### Information given
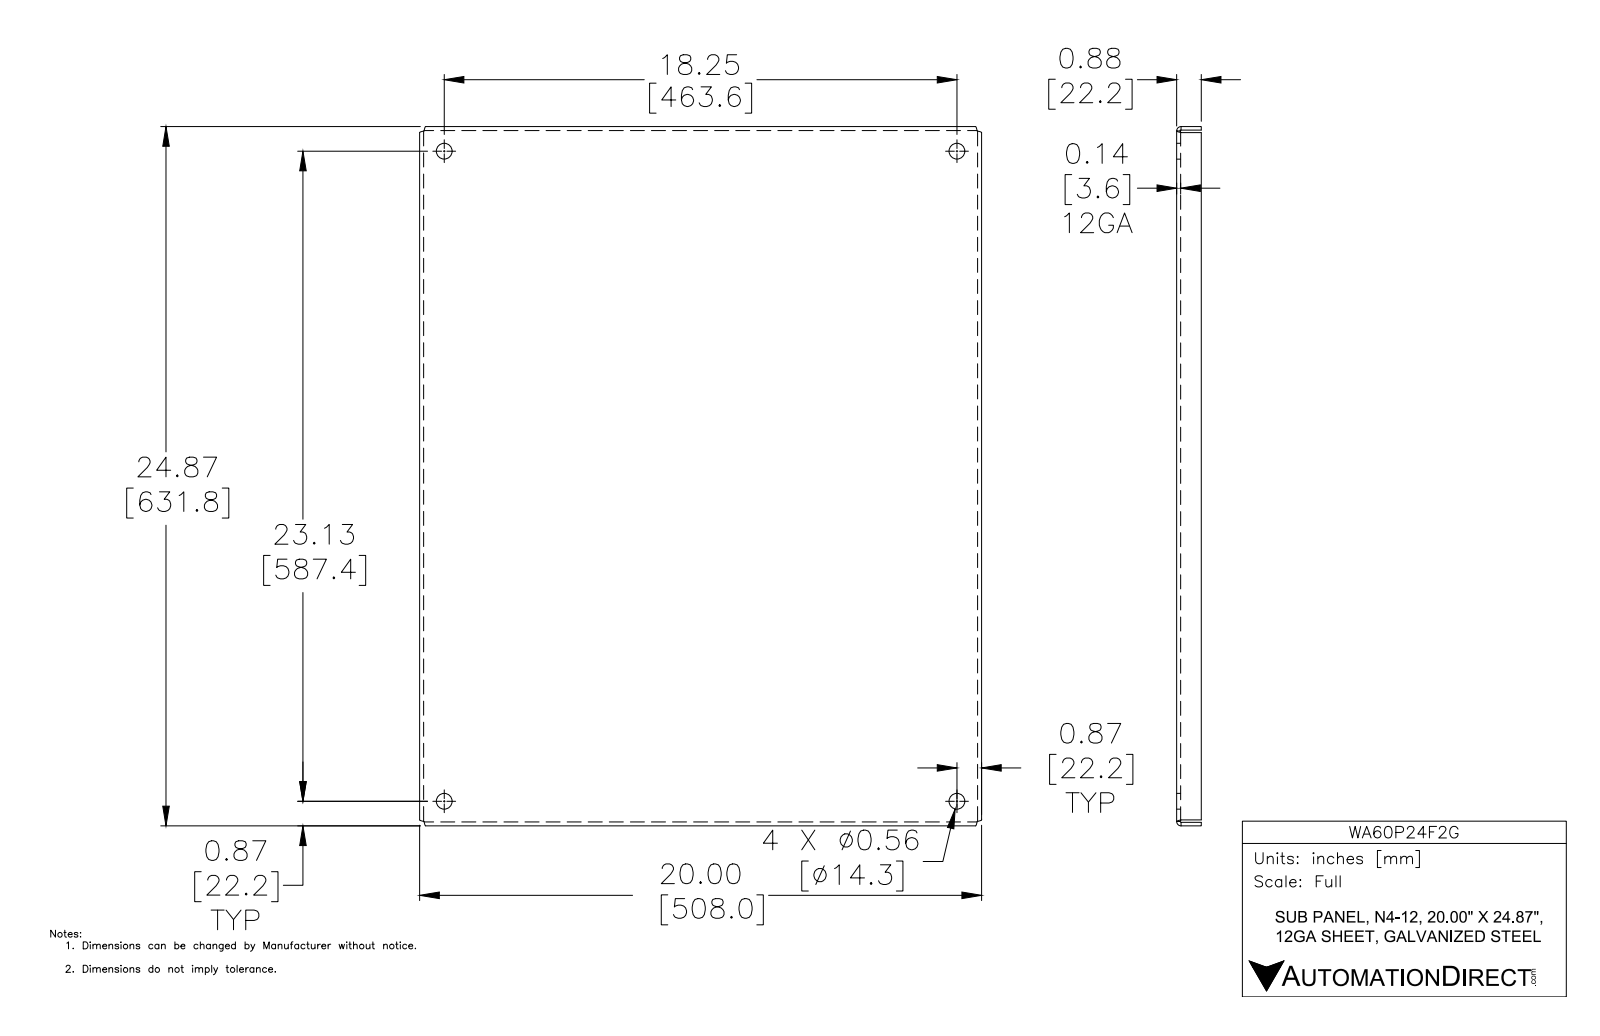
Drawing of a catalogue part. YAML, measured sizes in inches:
part_name: "WA_P_F_G"
step_written_by: "Autodesk Inventor 2012 (AUTOMOTIVE_DESIGN)"
units: inches
bodies: {solids: 1, faces: 42, planar: 22, cylindrical: 12, other: 8}
overall_size: [24.88, 20, 0.875]
volume: 52.81
surface_area: 1136
round_holes:
  - {diameter: 0.563, count: 4}
partial_cylinders:
  - {radius: 0.016, count: 4}
  - {radius: 0.109, count: 4}
face_to_face_distances: [0.094, 19.906, 24.786, 20, 19.813, 24.88, 24.693, 0.781, 0.875, 0.16]
hole_center_spacings: [18.25, 23.13, 29.463]

### Task to complete
All that's required is the material above repeated exactly, minus any picture.

### Answer to the exercise
Drawing of a catalogue part. YAML, measured sizes in inches:
part_name: "WA_P_F_G"
step_written_by: "Autodesk Inventor 2012 (AUTOMOTIVE_DESIGN)"
units: inches
bodies: {solids: 1, faces: 42, planar: 22, cylindrical: 12, other: 8}
overall_size: [24.88, 20, 0.875]
volume: 52.81
surface_area: 1136
round_holes:
  - {diameter: 0.563, count: 4}
partial_cylinders:
  - {radius: 0.016, count: 4}
  - {radius: 0.109, count: 4}
face_to_face_distances: [0.094, 19.906, 24.786, 20, 19.813, 24.88, 24.693, 0.781, 0.875, 0.16]
hole_center_spacings: [18.25, 23.13, 29.463]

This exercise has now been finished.